Nacht Essentia. Essence of Night. It was what Logan had mentioned to Darien back when they’d found Sabrine, though the wolf hadn’t been able to remember the name.
“Is there any way to heal the people who’ve been changed into demons?” Darien asked.
“I have no idea, Devil. If you find out, make sure to let me know.” His eyes found the Death’s Head Knuckles that were still attached to Darien’s hand. “Are you going to rip my face apart now or can you give me a clean death?”
Darien considered his question for a long time. The warlock merely watched him, an oddly empty cast to his eyes.
“I’m not going to kill you,” Darien said at last. “But you won’t remember any of this after tonight.”
He sliced his magic into the warlock’s mind, the force of it causing the man to pass out in the chair.
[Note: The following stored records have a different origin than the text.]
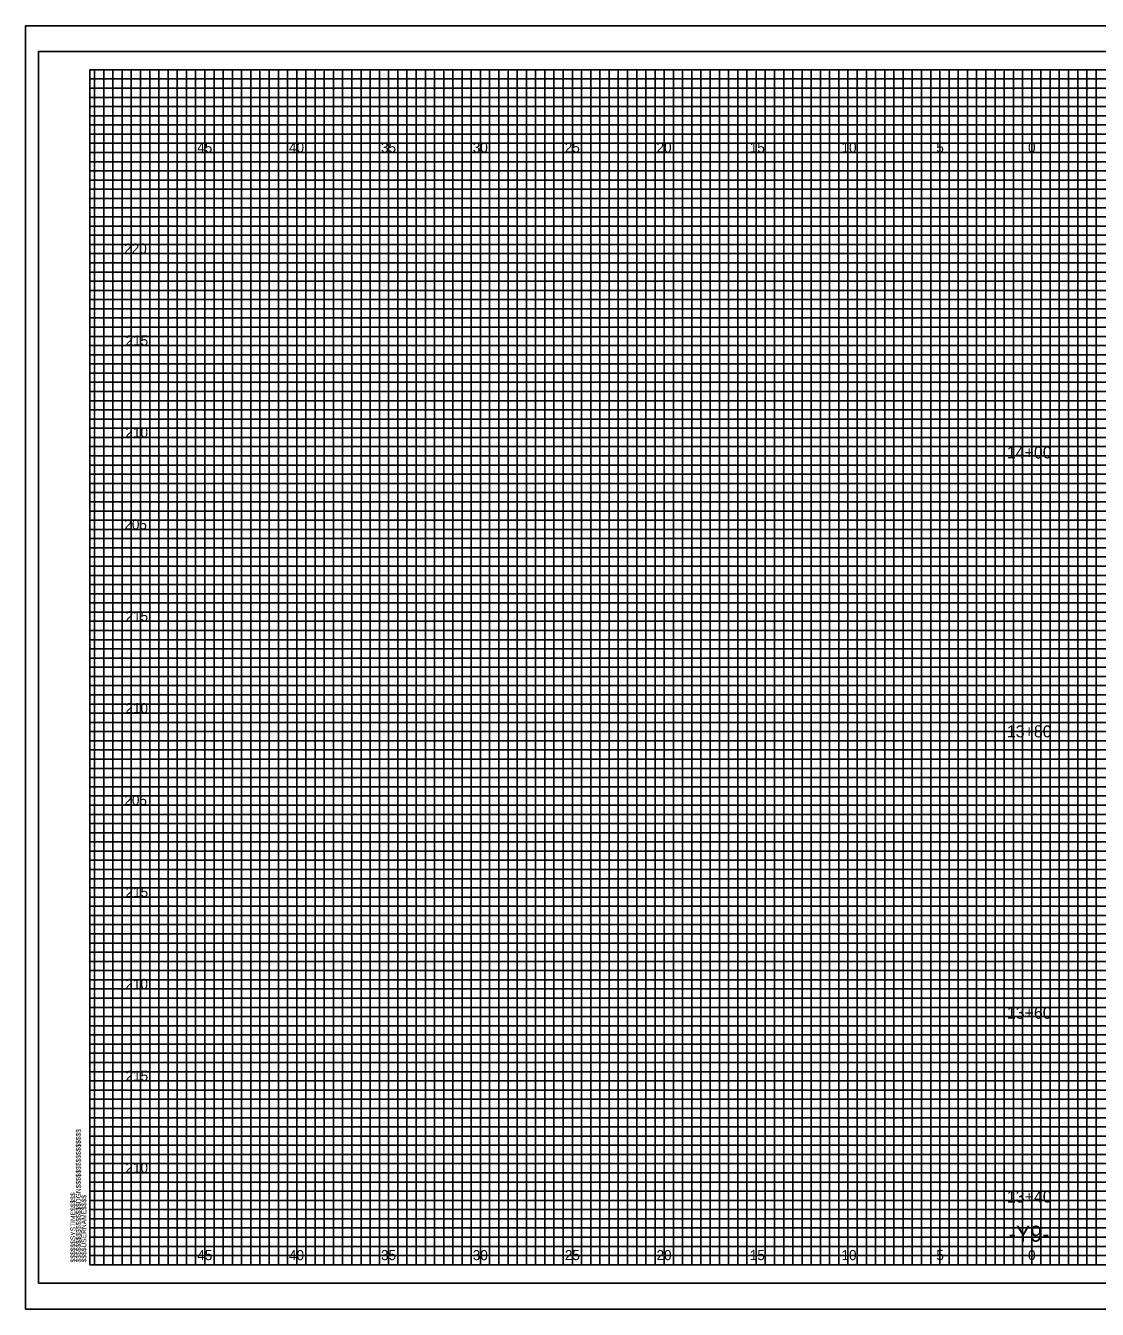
# Model space of a CAD drawing. Extents: x -4 to 103, y -2 to 492.
# Drawn here: x -3.5 to 54.8, y 210.1 to 279.9 of the extents above; entities that cross this region are included whole.
import ezdxf

# ---------------------------------------------------------------- set-up
doc = ezdxf.new("R2010")
doc.units = 0
for name, color, linetype in [('Old_Level_10', 7, 'Continuous'), ('Old_Level_16', 7, 'Continuous'), ('Old_Level_3', 7, 'Continuous'), ('Old_Level_5', 7, 'Continuous'), ('Old_Level_8', 7, 'Continuous'), ('Prop Dimension', 7, 'Continuous'), ('Prop Terminator CELL', 7, 'Continuous'), ('Prop XS Finish Grade', 7, 'Continuous'), ('Prop XS Finish Grade Earthwork', 7, 'Continuous'), ('Prop XS SE Text', 7, 'Continuous'), ('Prop XSC Text', 7, 'Continuous')]:
    doc.layers.add(name, color=color, linetype=linetype)

msp = doc.modelspace()

# ---------------------------------------------------------------- linework, layer by layer
at = {"layer": 'Old_Level_10'}
for p, q in [((1.25, 212.475), (1.25, 277.475)), ((3.75, 212.475), (3.75, 277.475)), ((6.25, 212.475), (6.25, 277.475)), ((8.75, 212.475), (8.75, 277.475)), ((11.25, 212.475), (11.25, 277.475)), ((13.75, 212.475), (13.75, 277.475)), ((16.25, 212.475), (16.25, 277.475)), ((18.75, 212.475), (18.75, 277.475)), ((21.25, 212.475), (21.25, 277.475)), ((23.75, 212.475), (23.75, 277.475)), ((26.25, 212.475), (26.25, 277.475)), ((28.75, 212.475), (28.75, 277.475)), ((31.25, 212.475), (31.25, 277.475)), ((33.75, 212.475), (33.75, 277.475)), ((36.25, 212.475), (36.25, 277.475)), ((38.75, 212.475), (38.75, 277.475)), ((41.25, 212.475), (41.25, 277.475)), ((43.75, 212.475), (43.75, 277.475)), ((46.25, 212.475), (46.25, 277.475)), ((48.75, 212.475), (48.75, 277.475)), ((51.25, 212.475), (51.25, 277.475)), ((53.75, 212.475), (53.75, 277.475)), ((0, 274.975), (74.25, 274.975)), ((0, 272.475), (102.5, 272.475)), ((0, 269.975), (102.5, 269.975)), ((0, 267.475), (102.5, 267.475)), ((0, 264.975), (102.5, 264.975)), ((0, 262.475), (102.5, 262.475)), ((0, 259.975), (102.5, 259.975)), ((0, 257.475), (102.5, 257.475)), ((0, 254.975), (102.5, 254.975)), ((0, 252.475), (102.5, 252.475)), ((0, 249.975), (102.5, 249.975)), ((0, 247.475), (102.5, 247.475)), ((0, 244.975), (102.5, 244.975)), ((0, 242.475), (102.5, 242.475)), ((0, 239.975), (102.5, 239.975)), ((0, 237.475), (102.5, 237.475)), ((0, 234.975), (102.5, 234.975)), ((0, 232.475), (102.5, 232.475)), ((0, 229.975), (102.5, 229.975)), ((0, 227.475), (102.5, 227.475)), ((0, 224.975), (102.5, 224.975)), ((0, 222.475), (102.5, 222.475)), ((0, 219.975), (102.5, 219.975)), ((0, 217.475), (102.5, 217.475)), ((0, 214.975), (102.5, 214.975))]:
    msp.add_line(p, q, dxfattribs=at)
at = {"layer": 'Old_Level_3'}
for p, q in [((-3.5, 279.875), (103.4, 279.875)), ((-3.5, 279.875), (-3.5, 210.05)), ((-3.5, 210.05), (103.4, 210.05))]:
    msp.add_line(p, q, dxfattribs=at)
at = {"layer": 'Old_Level_5'}
msp.add_lwpolyline([(103.4, 279.875), (-3.5, 279.875), (-3.5, 210.05), (103.4, 210.05)], close=True, dxfattribs=at)
at = {"layer": 'Old_Level_8'}
for points in [[(1.25, 212.475), (1.25, 277.475), (3.75, 277.475), (3.75, 212.475), (6.25, 212.475), (6.25, 277.475), (8.75, 277.475), (8.75, 212.475), (11.25, 212.475), (11.25, 277.475), (13.75, 277.475), (13.75, 212.475), (16.25, 212.475), (16.25, 277.475), (18.75, 277.475), (18.75, 212.475), (21.25, 212.475), (21.25, 277.475), (23.75, 277.475), (23.75, 212.475), (26.25, 212.475), (26.25, 277.475), (28.75, 277.475), (28.75, 212.475), (31.25, 212.475), (31.25, 277.475), (33.75, 277.475), (33.75, 212.475), (36.25, 212.475), (36.25, 277.475), (38.75, 277.475), (38.75, 212.475), (41.25, 212.475), (41.25, 277.475), (43.75, 277.475), (43.75, 212.475), (46.25, 212.475), (46.25, 277.475), (48.75, 277.475), (48.75, 212.475), (51.25, 212.475), (51.25, 277.475), (53.75, 277.475), (53.75, 212.475)], [(102.5, 272.475), (0, 272.475), (0, 274.975), (74.25, 274.975)], [(102.5, 267.475), (0, 267.475), (0, 269.975), (102.5, 269.975)], [(102.5, 262.475), (0, 262.475), (0, 264.975), (102.5, 264.975)], [(102.5, 257.475), (0, 257.475), (0, 259.975), (102.5, 259.975)], [(102.5, 252.475), (0, 252.475), (0, 254.975), (102.5, 254.975)], [(102.5, 247.475), (0, 247.475), (0, 249.975), (102.5, 249.975)], [(102.5, 242.475), (0, 242.475), (0, 244.975), (102.5, 244.975)], [(102.5, 237.475), (0, 237.475), (0, 239.975), (102.5, 239.975)], [(102.5, 232.475), (0, 232.475), (0, 234.975), (102.5, 234.975)], [(102.5, 227.475), (0, 227.475), (0, 229.975), (102.5, 229.975)], [(102.5, 222.475), (0, 222.475), (0, 224.975), (102.5, 224.975)], [(102.5, 217.475), (0, 217.475), (0, 219.975), (102.5, 219.975)], [(0, 214.975), (102.5, 214.975)]]:
    msp.add_lwpolyline(points, dxfattribs=at)
at = {"layer": 'Prop Dimension'}
for points in [[(0.25, 212.475), (0.25, 277.475), (0.75, 277.475), (0.75, 212.475), (1.75, 212.475), (1.75, 277.475), (2.25, 277.475), (2.25, 212.475), (2.75, 212.475), (2.75, 277.475), (3.25, 277.475), (3.25, 212.475), (4.25, 212.475), (4.25, 277.475), (4.75, 277.475), (4.75, 212.475), (5.25, 212.475), (5.25, 277.475), (5.75, 277.475), (5.75, 212.475), (6.75, 212.475), (6.75, 277.475), (7.25, 277.475), (7.25, 212.475), (7.75, 212.475), (7.75, 277.475), (8.25, 277.475), (8.25, 212.475), (9.25, 212.475), (9.25, 277.475), (9.75, 277.475), (9.75, 212.475), (10.25, 212.475), (10.25, 277.475), (10.75, 277.475), (10.75, 212.475), (11.75, 212.475), (11.75, 277.475), (12.25, 277.475), (12.25, 212.475), (12.75, 212.475), (12.75, 277.475), (13.25, 277.475), (13.25, 212.475), (14.25, 212.475), (14.25, 277.475), (14.75, 277.475), (14.75, 212.475), (15.75, 212.475), (15.25, 212.475), (15.25, 277.475), (15.75, 277.475), (15.75, 212.475), (16.75, 212.475), (16.75, 277.475), (17.25, 277.475), (17.25, 212.475), (17.75, 212.475), (17.75, 277.475), (18.25, 277.475), (18.25, 212.475), (19.25, 212.475), (19.25, 277.475), (19.75, 277.475), (19.75, 212.475), (20.25, 212.475), (20.25, 277.475), (20.75, 277.475), (20.75, 212.475), (21.75, 212.475), (21.75, 277.475), (22.25, 277.475), (22.25, 212.475), (22.75, 212.475), (22.75, 277.475), (23.25, 277.475), (23.25, 212.475), (24.25, 212.475), (24.25, 277.475), (24.75, 277.475), (24.75, 212.475), (25.25, 212.475), (25.25, 277.475), (25.75, 277.475), (25.75, 212.475), (26.75, 212.475), (26.75, 277.475), (27.25, 277.475), (27.25, 212.475), (27.75, 212.475), (27.75, 277.475), (28.25, 277.475), (28.25, 212.475), (29.25, 212.475), (29.25, 277.475), (29.75, 277.475), (29.75, 212.475), (30.25, 212.475), (30.25, 277.475), (30.75, 277.475), (30.75, 212.475)], [(30.75, 212.475), (31.75, 212.475), (31.75, 277.475), (32.25, 277.475), (32.25, 212.475), (32.75, 212.475), (32.75, 277.475), (33.25, 277.475), (33.25, 212.475), (34.25, 212.475), (34.25, 277.475), (34.75, 277.475), (34.75, 212.475), (35.25, 212.475), (35.25, 277.475), (35.75, 277.475), (35.75, 212.475), (36.75, 212.475), (36.75, 277.475), (37.25, 277.475), (37.25, 212.475), (37.75, 212.475), (37.75, 277.475), (37.75, 212.475)], [(38.25, 277.475), (38.25, 212.475), (39.25, 212.475), (39.25, 277.475), (39.75, 277.475), (39.75, 212.475), (40.25, 212.475), (40.25, 277.475), (40.75, 277.475), (40.75, 212.475), (41.75, 212.475), (41.75, 277.475), (42.25, 277.475), (42.25, 212.475), (42.75, 212.475), (42.75, 277.475), (43.25, 277.475), (43.25, 212.475), (43.75, 212.475), (44.25, 212.475), (44.25, 277.475), (44.75, 277.475), (44.75, 212.475), (45.25, 212.475), (45.25, 277.475), (45.75, 277.475), (45.75, 212.475), (46.75, 212.475), (46.75, 277.475), (47.25, 277.475), (47.25, 212.475), (47.75, 212.475), (47.75, 277.475), (48.25, 277.475), (48.25, 212.475), (49.25, 212.475), (49.25, 277.475), (49.75, 277.475), (49.75, 212.475), (50.25, 212.475), (50.25, 277.475), (50.75, 277.475), (50.75, 212.475), (51.75, 212.475), (51.75, 277.475), (52.25, 277.475), (52.25, 212.475), (52.75, 212.475), (52.75, 277.475), (53.25, 277.475), (53.25, 212.475), (54.25, 212.475), (54.25, 277.475), (54.75, 277.475), (54.75, 212.475), (55.25, 212.475)], [(0, 274.475), (0, 275.475), (74.25, 275.475), (74.25, 275.975), (0, 275.975), (0, 276.475), (74.25, 276.475), (74.25, 276.975), (0, 276.975)], [(102.5, 274.475), (0, 274.475)], [(102.5, 273.475), (0, 273.475), (0, 273.975), (102.5, 273.975)], [(102.5, 271.975), (0, 271.975), (0, 272.975), (102.5, 272.975)], [(102.5, 270.975), (0, 270.975), (0, 271.475), (102.5, 271.475)], [(102.5, 269.475), (0, 269.475), (0, 270.475), (102.5, 270.475)], [(102.5, 268.475), (0, 268.475), (0, 268.975), (102.5, 268.975)], [(102.5, 266.975), (0, 266.975), (0, 267.975), (102.5, 267.975)], [(102.5, 265.975), (0, 265.975), (0, 266.475), (102.5, 266.475)], [(0, 265.475), (102.5, 265.475)], [(102.5, 264.475), (0, 264.475)], [(102.5, 263.475), (0, 263.475), (0, 263.975), (102.5, 263.975)], [(102.5, 261.975), (0, 261.975), (0, 262.975), (102.5, 262.975)], [(102.5, 260.975), (0, 260.975), (0, 261.475), (102.5, 261.475)], [(102.5, 259.475), (0, 259.475), (0, 260.475), (102.5, 260.475)], [(102.5, 258.475), (0, 258.475), (0, 258.975), (102.5, 258.975)], [(102.5, 256.975), (0, 256.975), (0, 257.975), (102.5, 257.975)], [(102.5, 255.975), (0, 255.975), (0, 256.475), (102.5, 256.475)], [(102.5, 254.475), (0, 254.475), (0, 255.475), (102.5, 255.475)], [(102.5, 253.475), (0, 253.475), (0, 253.975), (102.5, 253.975)], [(102.5, 251.975), (0, 251.975), (0, 252.975), (102.5, 252.975)], [(102.5, 250.975), (0, 250.975), (0, 251.475), (102.5, 251.475)], [(102.5, 249.475), (0, 249.475), (0, 250.475), (102.5, 250.475)], [(102.5, 248.475), (0, 248.475), (0, 248.975), (102.5, 248.975)], [(102.5, 246.975), (0, 246.975), (0, 247.975), (102.5, 247.975)], [(102.5, 245.975), (0, 245.975), (0, 246.475), (102.5, 246.475)], [(102.5, 244.475), (0, 244.475), (0, 245.475), (102.5, 245.475)], [(102.5, 243.475), (0, 243.475), (0, 243.975)], [(0, 243.975), (102.5, 243.975)], [(102.5, 241.975), (0, 241.975), (0, 242.975), (102.5, 242.975)], [(102.5, 240.975), (0, 240.975), (0, 241.475), (102.5, 241.475)], [(102.5, 239.475), (0, 239.475), (0, 240.475), (102.5, 240.475)], [(102.5, 238.475), (0, 238.475), (0, 238.975), (102.5, 238.975)], [(102.5, 236.975), (0, 236.975), (0, 237.975), (102.5, 237.975)], [(102.5, 235.975), (0, 235.975), (0, 236.475), (102.5, 236.475)], [(102.5, 234.475), (0, 234.475), (0, 235.475), (102.5, 235.475)], [(102.5, 233.475), (0, 233.475), (0, 233.975), (102.5, 233.975)], [(102.5, 231.975), (0, 231.975), (0, 232.975), (102.5, 232.975)], [(102.5, 230.975), (0, 230.975), (0, 231.475), (102.5, 231.475)], [(102.5, 229.475), (0, 229.475), (0, 230.475), (102.5, 230.475)], [(102.5, 228.475), (0, 228.475), (0, 228.975), (102.5, 228.975)], [(102.5, 226.975), (0, 226.975), (0, 227.975), (102.5, 227.975)], [(102.5, 225.975), (0, 225.975), (0, 226.475), (102.5, 226.475)], [(102.5, 224.475), (0, 224.475), (0, 225.475), (102.5, 225.475)], [(102.5, 223.475), (0, 223.475), (0, 223.975), (102.5, 223.975)], [(102.5, 221.975), (0, 221.975), (0, 222.975), (102.5, 222.975)], [(102.5, 220.975), (0, 220.975), (0, 221.475), (102.5, 221.475)], [(102.5, 219.475), (0, 219.475), (0, 220.475), (102.5, 220.475)], [(102.5, 218.475), (0, 218.475), (0, 218.975), (102.5, 218.975)], [(102.5, 216.975), (0, 216.975), (0, 217.975), (102.5, 217.975)], [(102.5, 215.975), (0, 215.975), (0, 216.475), (102.5, 216.475)], [(102.5, 214.475), (0, 214.475), (0, 215.475), (102.5, 215.475)], [(102.5, 213.475), (0, 213.475), (0, 213.975), (102.5, 213.975)], [(0, 212.975), (102.5, 212.975)]]:
    msp.add_lwpolyline(points, dxfattribs=at)
at = {"layer": 'Prop XS SE Text'}
msp.add_lwpolyline([(103, 278.475), (-2.8, 278.475), (-2.8, 211.475), (103, 211.475)], close=True, dxfattribs=at)
at = {"layer": 'Prop XSC Text'}
msp.add_lwpolyline([(102.5, 277.475), (0, 277.475), (0, 212.475), (102.5, 212.475)], close=True, dxfattribs=at)

# ---------------------------------------------------------------- texts
at = {"layer": 'Old_Level_16'}
for s, p in [('45', (5.8399, 272.975)), ('40', (10.8313, 272.975)), ('35', (15.8399, 272.975)), ('30', (20.8313, 272.975)), ('25', (25.8399, 272.975)), ('20', (30.8313, 272.975)), ('15', (35.9058, 272.975)), ('10', (40.8971, 272.975)), ('5', (46.0574, 272.975)), ('0', (51.0488, 272.975)), ('0', (51.0488, 272.975)), ('45', (5.8399, 212.725)), ('40', (10.8313, 212.725)), ('35', (15.8399, 212.725)), ('30', (20.8313, 212.725)), ('25', (25.8399, 212.725)), ('20', (30.8313, 212.725)), ('15', (35.9058, 212.725)), ('10', (40.8971, 212.725)), ('5', (46.0574, 212.725)), ('0', (51.0488, 212.725)), ('0', (51.0488, 212.725))]:
    msp.add_text(s, height=0.55, dxfattribs=at).set_placement(p)
at = {"layer": 'Old_Level_8'}
msp.add_text('040397', height=0.0025, rotation=90, dxfattribs=at).set_placement((-0.0007, 277.4614))
at = {"layer": 'Prop Terminator CELL'}
msp.add_text('-Y9-', height=0.875, dxfattribs=at).set_placement((49.9985, 213.725))
at = {"layer": 'Prop XS Finish Grade'}
for s, p in [('14+00', (49.8934, 256.3349)), ('13+80', (49.8934, 241.162)), ('13+60', (49.8934, 225.8557)), ('13+40', (49.8934, 215.8552))]:
    msp.add_text(s, height=0.65, dxfattribs=at).set_placement(p)
at = {"layer": 'Prop XS Finish Grade Earthwork'}
for s, p in [('220', (1.8638, 267.475)), ('215', (1.9383, 262.475)), ('210', (1.9296, 257.475)), ('205', (1.8724, 252.475)), ('215', (1.9383, 247.475)), ('210', (1.9296, 242.475)), ('205', (1.8724, 237.475)), ('215', (1.9383, 232.475)), ('210', (1.9296, 227.475)), ('215', (1.9383, 222.475)), ('210', (1.9296, 217.475))]:
    msp.add_text(s, height=0.55, dxfattribs=at).set_placement(p)
at = {"layer": 'Prop XSC Text'}
for s, p in [('$$$$$$$$$$$$$$$$DGN$$$$$$$$$$$$$$$$', (-0.5, 212.6)), ('$$$$$$SYSTIME$$$$$', (-0.7973, 212.5997)), ('$$$$USERNAME$$$$', (-0.2, 212.6))]:
    msp.add_text(s, height=0.2625, rotation=90, dxfattribs=at).set_placement(p)

doc.saveas('drawing.dxf')

He would remember nothing after Darien was done with him. It was a hellseher ability that didn’t work on other hellsehers or anyone whose mind had been trained to keep magic out. He would tunnel into this warlock’s mind the same way he had Baylor’s when they’d left the club, when Max and Dallas had been screaming at him to start driving. But instead of coloring his thoughts with false emotions the way he had Baylor—when he’d made sure that vile vampire would remember Loren differently and would never desire her again—he would wipe clean any trace of the last few hours from the warlock’s mind. For once, there would be no blood on his hands—not tonight.
It was a step up from what he was used to, he had to admit. But he had to start doing better.